## Task brief
Make an exact copy of the entries below with the pictures removed.

——————————

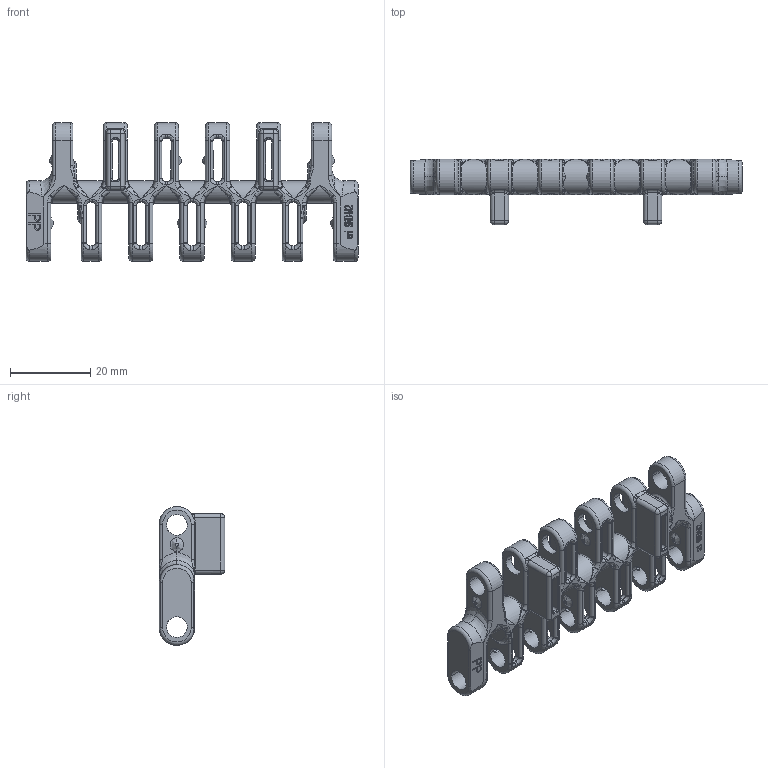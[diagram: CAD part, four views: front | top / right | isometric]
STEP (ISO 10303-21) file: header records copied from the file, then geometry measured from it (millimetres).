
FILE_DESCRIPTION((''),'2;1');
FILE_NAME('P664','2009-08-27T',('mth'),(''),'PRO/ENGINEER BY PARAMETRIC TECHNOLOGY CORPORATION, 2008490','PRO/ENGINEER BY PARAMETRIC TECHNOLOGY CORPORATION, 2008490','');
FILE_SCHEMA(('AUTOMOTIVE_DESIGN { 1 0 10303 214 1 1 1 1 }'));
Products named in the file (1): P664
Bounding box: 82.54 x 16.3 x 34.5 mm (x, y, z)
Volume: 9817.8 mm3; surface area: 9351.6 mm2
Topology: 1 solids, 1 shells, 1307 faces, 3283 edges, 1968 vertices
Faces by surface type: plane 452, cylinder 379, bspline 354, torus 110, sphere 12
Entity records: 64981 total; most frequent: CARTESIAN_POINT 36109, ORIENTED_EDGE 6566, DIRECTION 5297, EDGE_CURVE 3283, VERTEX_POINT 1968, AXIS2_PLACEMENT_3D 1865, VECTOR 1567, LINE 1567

——————————

## Written answer
[diagram: CAD part, four views: front | top / right | isometric]
STEP (ISO 10303-21) file: header records copied from the file, then geometry measured from it (millimetres).
FILE_DESCRIPTION((''),'2;1');
FILE_NAME('P664','2009-08-27T',('mth'),(''),'PRO/ENGINEER BY PARAMETRIC TECHNOLOGY CORPORATION, 2008490','PRO/ENGINEER BY PARAMETRIC TECHNOLOGY CORPORATION, 2008490','');
FILE_SCHEMA(('AUTOMOTIVE_DESIGN { 1 0 10303 214 1 1 1 1 }'));
Products named in the file (1): P664
Bounding box: 82.54 x 16.3 x 34.5 mm (x, y, z)
Volume: 9817.8 mm3; surface area: 9351.6 mm2
Topology: 1 solids, 1 shells, 1307 faces, 3283 edges, 1968 vertices
Faces by surface type: plane 452, cylinder 379, bspline 354, torus 110, sphere 12
Entity records: 64981 total; most frequent: CARTESIAN_POINT 36109, ORIENTED_EDGE 6566, DIRECTION 5297, EDGE_CURVE 3283, VERTEX_POINT 1968, AXIS2_PLACEMENT_3D 1865, VECTOR 1567, LINE 1567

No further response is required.